Cryptocurrencies and NFTs
Cryptocurrencies are a new form of money that will be used as part of the Web3 ecosystem. The most notable one is Bitcoin. Bitcoin runs on blockchain technology making it decentralized and immutable. It solves many of the issues today that we experience with fiat currency like the U.S dollar. There will only ever be 21M coins ever created which prevents inflation eroding purchasing power. Additionally, there are little to no fees for sending Bitcoin. This is a huge advantage to the modern-day system of banking middlemen and the fees that come along the way.
In addition to Bitcoin, you probably have also heard of Ethereum. Etherum is an open-source blockchain that has the capability of running smart contracts–this is a big distinction from Bitcoin. Think of Bitcoin as being digital gold and Ethereum being digital oil. It also allows other applications to run on top of it, including decentralized finance (DeFi) which allows users to borrow against their crypto holdings or lend out their crypto to earn interest like a bank account. (link: https://geekinsider.com/there-are-bonds-on-ethereuem/?highlight=NFTs).
Lastly, a big part of the Web3 space is Non-fungible Tokens otherwise known as NFTs. Non-fungible is just a fancy way of saying unique. There’s been a lot of hype around NFTs within the last year, some even going for millions of dollars (link:https://geekinsider.com/the-5-most-expensive-nfts-sold-so-far/?highlight=NFTs). Think of NFTs as the digital version of something which lives in the Ethereum blockchain. For instance, a Michael Jordan rookie card can be minted into an NFT; there is now a digital copy of that rookie card on the blockchain for the public to see, just as described earlier in the Google doc analogy. That NFT could then be divided up into units (like shares of stock) and sold to individual buyers. NFTs are currently in their infancy stage but have huge potential. Don’t just take it from me, even celebrities and business leaders are echoing the huge potential. In an interview with Coindesk, Mark Cuban (billionaire celebrity from Shark Tank and owner of Dallas Mavericks) agrees and even sees business opportunities in his businesses: “You can sell anything digital using NFT. We can sell virtual Mavs gear, sneakers, art, pictures, videos, experiences, anything our imagination can come up with we can sell. We are looking at adding virtual jewelry, accessories, and clothing that we create to real pictures on social media. So you can add cool Mavs virtual sneakers that look as real as the ones on your feet to your posts. “
The Metaverse, along with Web3, has also been a buzzword being thrown around lately. The Metaverse brings everything together mentioned previously: NFTs, crypto, and blockchain.
It can be defined as a virtual reality space in which users can interact with a computer-generated environment and other users. Think of it as being in a video-game/cyberspace type of world where you can work, play, and even conduct business.
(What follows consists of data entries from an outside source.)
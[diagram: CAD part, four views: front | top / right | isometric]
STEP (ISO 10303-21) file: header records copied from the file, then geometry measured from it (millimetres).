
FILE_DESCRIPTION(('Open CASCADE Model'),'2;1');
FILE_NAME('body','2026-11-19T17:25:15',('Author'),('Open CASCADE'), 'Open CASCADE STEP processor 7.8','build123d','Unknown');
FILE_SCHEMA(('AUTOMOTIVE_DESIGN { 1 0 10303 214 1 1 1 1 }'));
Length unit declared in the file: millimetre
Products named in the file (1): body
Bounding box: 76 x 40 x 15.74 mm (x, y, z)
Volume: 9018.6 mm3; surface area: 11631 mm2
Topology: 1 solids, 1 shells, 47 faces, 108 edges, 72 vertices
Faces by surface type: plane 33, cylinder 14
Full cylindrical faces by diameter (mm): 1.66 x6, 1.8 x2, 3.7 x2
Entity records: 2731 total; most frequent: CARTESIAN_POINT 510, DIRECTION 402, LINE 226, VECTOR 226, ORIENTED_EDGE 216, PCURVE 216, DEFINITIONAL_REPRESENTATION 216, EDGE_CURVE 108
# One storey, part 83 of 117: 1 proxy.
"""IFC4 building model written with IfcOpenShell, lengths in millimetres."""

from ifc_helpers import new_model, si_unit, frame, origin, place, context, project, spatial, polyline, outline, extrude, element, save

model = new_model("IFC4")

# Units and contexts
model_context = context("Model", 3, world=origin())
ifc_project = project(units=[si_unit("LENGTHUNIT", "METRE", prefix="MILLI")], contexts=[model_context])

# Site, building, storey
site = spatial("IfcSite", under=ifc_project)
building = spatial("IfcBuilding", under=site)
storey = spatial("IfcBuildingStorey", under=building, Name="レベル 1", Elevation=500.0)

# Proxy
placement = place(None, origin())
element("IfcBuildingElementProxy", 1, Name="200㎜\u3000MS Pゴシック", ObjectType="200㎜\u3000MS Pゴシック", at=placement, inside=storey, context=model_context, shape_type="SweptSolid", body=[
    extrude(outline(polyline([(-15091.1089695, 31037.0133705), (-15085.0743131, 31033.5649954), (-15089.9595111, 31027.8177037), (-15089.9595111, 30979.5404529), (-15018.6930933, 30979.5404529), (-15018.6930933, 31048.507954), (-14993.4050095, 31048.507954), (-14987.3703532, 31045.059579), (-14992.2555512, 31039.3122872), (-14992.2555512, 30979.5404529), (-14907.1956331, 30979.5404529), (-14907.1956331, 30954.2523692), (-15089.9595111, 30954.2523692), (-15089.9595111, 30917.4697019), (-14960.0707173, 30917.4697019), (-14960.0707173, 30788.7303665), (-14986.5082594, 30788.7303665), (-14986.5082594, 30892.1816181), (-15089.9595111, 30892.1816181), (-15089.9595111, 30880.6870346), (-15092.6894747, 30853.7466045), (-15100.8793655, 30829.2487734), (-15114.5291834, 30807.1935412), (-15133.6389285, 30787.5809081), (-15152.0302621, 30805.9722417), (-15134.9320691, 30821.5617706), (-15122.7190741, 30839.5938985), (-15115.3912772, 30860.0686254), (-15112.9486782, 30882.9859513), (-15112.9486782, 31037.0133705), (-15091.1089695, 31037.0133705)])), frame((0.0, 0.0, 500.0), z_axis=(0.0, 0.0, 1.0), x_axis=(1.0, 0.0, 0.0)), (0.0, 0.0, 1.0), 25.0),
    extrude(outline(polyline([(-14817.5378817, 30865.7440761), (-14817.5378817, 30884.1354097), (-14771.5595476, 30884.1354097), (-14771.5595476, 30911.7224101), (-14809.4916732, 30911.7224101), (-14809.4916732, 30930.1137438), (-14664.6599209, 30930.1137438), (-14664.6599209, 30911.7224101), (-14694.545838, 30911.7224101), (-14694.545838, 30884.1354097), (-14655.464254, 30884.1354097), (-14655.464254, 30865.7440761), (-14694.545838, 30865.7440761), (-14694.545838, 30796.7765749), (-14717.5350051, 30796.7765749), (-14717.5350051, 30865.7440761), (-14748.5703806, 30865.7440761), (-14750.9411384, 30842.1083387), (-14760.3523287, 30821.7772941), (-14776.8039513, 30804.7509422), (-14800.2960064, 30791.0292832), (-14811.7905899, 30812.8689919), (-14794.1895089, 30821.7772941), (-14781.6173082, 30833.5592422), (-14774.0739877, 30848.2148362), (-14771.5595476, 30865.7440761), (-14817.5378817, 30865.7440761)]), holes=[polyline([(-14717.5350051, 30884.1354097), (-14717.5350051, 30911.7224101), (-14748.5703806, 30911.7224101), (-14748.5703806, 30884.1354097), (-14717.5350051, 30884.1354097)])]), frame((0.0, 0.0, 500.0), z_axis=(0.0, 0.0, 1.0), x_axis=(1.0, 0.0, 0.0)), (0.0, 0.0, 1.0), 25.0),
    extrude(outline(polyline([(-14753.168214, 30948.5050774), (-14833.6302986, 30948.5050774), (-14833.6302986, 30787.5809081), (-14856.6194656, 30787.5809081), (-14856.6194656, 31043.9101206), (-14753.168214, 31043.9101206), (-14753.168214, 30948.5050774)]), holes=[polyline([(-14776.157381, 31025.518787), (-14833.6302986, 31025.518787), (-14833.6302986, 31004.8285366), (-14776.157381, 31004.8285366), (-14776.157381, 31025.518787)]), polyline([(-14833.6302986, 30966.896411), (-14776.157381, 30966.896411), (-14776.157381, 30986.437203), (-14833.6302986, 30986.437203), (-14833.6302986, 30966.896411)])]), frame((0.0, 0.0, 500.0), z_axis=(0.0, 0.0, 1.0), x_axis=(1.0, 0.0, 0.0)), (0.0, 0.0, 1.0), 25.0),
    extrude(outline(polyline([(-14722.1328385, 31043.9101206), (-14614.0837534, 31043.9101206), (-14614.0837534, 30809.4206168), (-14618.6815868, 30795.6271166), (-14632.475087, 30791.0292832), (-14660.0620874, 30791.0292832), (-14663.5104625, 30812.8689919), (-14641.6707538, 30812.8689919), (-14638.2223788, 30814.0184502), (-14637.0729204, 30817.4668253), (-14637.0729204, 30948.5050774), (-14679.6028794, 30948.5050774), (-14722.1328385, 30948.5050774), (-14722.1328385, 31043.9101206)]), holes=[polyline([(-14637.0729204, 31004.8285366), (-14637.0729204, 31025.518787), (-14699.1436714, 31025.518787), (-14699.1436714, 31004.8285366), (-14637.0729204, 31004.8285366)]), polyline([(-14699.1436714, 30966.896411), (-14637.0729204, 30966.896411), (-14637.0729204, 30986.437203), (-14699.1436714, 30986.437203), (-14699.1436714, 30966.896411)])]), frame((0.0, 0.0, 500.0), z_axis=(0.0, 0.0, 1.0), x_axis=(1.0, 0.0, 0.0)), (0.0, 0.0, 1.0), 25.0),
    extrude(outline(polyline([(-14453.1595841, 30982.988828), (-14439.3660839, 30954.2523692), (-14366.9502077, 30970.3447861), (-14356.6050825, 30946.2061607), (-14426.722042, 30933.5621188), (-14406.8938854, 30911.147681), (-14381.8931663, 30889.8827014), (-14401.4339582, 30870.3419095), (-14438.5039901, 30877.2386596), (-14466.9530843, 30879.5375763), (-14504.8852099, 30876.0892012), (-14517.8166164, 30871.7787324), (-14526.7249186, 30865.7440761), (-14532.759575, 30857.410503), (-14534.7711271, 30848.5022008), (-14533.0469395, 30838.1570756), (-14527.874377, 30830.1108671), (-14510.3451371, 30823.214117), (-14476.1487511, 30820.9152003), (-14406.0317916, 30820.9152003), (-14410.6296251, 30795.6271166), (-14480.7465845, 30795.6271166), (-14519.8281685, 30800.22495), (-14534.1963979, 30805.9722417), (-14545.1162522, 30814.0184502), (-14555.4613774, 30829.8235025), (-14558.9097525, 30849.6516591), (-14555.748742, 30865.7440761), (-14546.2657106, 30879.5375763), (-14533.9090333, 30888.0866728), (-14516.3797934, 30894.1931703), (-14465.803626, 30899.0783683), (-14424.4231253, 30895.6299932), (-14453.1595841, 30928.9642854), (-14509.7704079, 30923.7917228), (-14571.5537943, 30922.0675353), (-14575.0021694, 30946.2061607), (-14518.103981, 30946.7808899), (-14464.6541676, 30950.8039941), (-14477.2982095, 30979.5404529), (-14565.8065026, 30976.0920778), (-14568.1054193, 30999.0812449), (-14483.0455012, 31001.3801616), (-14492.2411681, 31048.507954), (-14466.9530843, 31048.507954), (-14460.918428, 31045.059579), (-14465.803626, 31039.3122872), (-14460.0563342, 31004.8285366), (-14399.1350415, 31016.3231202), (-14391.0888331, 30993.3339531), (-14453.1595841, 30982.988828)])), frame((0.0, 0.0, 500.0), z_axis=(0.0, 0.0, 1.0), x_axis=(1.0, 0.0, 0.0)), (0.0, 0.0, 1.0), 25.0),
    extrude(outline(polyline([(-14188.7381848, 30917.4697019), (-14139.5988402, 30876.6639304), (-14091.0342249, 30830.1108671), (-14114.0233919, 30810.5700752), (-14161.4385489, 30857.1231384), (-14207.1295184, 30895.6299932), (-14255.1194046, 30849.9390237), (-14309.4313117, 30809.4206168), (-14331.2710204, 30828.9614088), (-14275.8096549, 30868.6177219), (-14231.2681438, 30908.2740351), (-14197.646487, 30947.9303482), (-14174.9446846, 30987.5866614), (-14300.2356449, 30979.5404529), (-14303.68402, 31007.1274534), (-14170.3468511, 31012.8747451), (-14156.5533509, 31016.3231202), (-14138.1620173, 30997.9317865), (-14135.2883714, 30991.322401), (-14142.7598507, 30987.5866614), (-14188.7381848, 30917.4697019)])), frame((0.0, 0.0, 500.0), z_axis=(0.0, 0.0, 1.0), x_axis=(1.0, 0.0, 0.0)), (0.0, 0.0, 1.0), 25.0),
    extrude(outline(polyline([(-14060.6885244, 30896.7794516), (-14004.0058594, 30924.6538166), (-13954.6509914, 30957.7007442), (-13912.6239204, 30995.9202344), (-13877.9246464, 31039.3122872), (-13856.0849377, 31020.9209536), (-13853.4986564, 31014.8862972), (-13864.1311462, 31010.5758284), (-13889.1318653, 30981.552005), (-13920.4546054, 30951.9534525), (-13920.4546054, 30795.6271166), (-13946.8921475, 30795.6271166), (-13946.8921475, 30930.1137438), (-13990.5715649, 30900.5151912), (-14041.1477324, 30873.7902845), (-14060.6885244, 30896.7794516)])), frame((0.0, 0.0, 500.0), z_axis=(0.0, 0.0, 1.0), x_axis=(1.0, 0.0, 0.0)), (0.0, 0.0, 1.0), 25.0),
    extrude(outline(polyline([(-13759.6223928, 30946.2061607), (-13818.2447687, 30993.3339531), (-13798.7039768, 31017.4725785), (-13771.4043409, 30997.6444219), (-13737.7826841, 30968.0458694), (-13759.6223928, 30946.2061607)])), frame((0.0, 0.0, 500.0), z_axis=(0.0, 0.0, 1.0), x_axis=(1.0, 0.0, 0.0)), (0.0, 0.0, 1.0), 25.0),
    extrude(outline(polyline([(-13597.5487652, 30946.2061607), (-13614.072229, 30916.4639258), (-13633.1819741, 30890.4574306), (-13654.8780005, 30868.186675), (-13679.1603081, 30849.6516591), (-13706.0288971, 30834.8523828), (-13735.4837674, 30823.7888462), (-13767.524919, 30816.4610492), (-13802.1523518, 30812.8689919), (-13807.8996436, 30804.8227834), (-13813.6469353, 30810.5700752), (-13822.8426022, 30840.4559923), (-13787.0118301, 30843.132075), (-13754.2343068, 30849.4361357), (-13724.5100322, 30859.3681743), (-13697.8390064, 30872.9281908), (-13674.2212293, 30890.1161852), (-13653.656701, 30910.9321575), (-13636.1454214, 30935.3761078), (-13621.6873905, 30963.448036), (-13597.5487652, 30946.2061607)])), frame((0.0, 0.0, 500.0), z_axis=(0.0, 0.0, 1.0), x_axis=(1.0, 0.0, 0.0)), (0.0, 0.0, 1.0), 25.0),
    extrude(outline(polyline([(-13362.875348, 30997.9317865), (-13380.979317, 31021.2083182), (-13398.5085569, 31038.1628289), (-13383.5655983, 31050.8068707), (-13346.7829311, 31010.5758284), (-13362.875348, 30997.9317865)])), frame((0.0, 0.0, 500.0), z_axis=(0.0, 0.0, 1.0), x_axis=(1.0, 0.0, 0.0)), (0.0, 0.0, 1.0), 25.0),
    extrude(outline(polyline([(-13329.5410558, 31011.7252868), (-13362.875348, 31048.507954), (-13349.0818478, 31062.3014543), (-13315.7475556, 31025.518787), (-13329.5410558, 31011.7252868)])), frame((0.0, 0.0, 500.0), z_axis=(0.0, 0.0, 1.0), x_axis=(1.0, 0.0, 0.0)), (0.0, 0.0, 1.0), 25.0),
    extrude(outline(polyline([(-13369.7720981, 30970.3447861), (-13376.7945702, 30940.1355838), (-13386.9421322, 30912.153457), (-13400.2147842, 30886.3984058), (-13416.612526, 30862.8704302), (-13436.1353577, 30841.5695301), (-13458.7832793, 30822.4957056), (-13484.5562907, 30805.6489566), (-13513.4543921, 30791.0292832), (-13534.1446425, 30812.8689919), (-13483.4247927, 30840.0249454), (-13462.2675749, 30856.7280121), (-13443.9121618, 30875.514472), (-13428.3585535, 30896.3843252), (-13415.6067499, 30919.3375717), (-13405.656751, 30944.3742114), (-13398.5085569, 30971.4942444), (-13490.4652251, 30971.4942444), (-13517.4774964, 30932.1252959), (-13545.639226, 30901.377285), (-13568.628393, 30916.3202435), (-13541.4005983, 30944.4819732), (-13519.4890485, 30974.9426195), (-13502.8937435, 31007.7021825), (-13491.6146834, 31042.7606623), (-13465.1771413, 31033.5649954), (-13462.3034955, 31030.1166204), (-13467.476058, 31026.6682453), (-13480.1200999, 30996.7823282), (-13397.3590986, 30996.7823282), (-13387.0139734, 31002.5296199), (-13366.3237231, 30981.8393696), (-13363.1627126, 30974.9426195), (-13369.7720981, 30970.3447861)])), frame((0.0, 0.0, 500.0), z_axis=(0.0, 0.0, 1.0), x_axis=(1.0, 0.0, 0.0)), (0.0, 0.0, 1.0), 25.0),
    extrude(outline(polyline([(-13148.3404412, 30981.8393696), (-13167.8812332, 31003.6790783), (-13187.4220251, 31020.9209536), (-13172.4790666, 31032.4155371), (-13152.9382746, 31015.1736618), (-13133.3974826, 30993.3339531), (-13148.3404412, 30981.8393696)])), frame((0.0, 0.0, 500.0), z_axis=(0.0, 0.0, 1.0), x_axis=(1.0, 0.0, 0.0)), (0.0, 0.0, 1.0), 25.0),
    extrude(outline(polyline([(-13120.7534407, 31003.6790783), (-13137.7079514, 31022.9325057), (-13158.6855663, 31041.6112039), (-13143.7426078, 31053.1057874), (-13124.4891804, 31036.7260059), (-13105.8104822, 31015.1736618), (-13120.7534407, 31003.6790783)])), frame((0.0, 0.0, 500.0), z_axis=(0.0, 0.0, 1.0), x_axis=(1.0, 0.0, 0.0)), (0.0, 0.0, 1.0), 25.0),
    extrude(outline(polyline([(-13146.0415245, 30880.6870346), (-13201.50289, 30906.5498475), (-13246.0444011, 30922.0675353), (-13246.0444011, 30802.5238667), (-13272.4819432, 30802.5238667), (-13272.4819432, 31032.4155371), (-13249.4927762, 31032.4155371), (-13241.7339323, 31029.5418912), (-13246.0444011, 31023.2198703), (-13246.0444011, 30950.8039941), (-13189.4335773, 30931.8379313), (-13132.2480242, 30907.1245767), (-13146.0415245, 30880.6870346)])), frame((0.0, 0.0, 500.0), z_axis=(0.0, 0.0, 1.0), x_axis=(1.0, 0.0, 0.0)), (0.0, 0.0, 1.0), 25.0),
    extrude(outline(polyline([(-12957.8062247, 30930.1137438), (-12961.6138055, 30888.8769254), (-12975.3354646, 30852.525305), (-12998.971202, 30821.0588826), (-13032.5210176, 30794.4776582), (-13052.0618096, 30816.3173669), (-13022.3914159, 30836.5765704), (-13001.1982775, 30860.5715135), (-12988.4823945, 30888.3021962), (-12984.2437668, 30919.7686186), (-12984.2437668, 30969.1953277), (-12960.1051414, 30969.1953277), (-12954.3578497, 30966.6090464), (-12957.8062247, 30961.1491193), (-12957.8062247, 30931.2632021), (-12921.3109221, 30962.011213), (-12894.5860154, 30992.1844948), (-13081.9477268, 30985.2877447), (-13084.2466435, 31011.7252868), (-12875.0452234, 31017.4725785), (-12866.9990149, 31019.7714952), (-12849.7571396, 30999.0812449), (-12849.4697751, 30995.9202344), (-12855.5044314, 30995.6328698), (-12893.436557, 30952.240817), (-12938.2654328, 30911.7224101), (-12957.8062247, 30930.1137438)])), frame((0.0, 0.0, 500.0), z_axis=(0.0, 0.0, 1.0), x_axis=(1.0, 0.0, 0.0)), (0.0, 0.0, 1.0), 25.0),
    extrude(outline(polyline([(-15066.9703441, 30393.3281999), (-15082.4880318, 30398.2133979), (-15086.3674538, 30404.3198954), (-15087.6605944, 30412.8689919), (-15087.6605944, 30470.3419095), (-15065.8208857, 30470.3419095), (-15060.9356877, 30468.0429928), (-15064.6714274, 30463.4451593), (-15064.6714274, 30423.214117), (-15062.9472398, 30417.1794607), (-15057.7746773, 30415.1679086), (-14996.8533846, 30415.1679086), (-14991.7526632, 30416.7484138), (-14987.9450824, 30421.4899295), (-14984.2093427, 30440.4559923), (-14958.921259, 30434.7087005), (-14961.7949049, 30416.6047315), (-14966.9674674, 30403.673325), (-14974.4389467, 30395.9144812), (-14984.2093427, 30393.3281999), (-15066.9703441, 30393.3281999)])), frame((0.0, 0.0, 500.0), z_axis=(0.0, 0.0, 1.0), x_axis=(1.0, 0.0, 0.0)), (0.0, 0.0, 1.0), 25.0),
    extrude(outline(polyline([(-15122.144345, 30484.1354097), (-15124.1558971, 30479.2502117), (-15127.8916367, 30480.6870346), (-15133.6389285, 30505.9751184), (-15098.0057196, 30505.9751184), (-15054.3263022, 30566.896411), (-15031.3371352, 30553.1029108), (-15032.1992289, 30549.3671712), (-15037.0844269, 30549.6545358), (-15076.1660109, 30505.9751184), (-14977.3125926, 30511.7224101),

The Metaverse includes gaming, particularly Decentraland, where parcels of digital land are being sold for millions. Imagine owning 5th Ave but in a digital world. The Metaverse includes entertainment, such as going to concerts, where you attend as your online avatar, anywhere in the world. It has the potential to change how we interact with one another and reinvent our online experience.
All-in-all, Web3 is still in its early days; it’s currently sitting on the cutting edge of tech and where it’s going. It will continue to evolve and incorporate new and exciting projects, but it will hopefully also solve many of the problems we have today in our current online ecosystem. There will surely be much pushback from the current powers-that-be and there will surely be regulation along the way. It will be interesting to see how it all unfolds.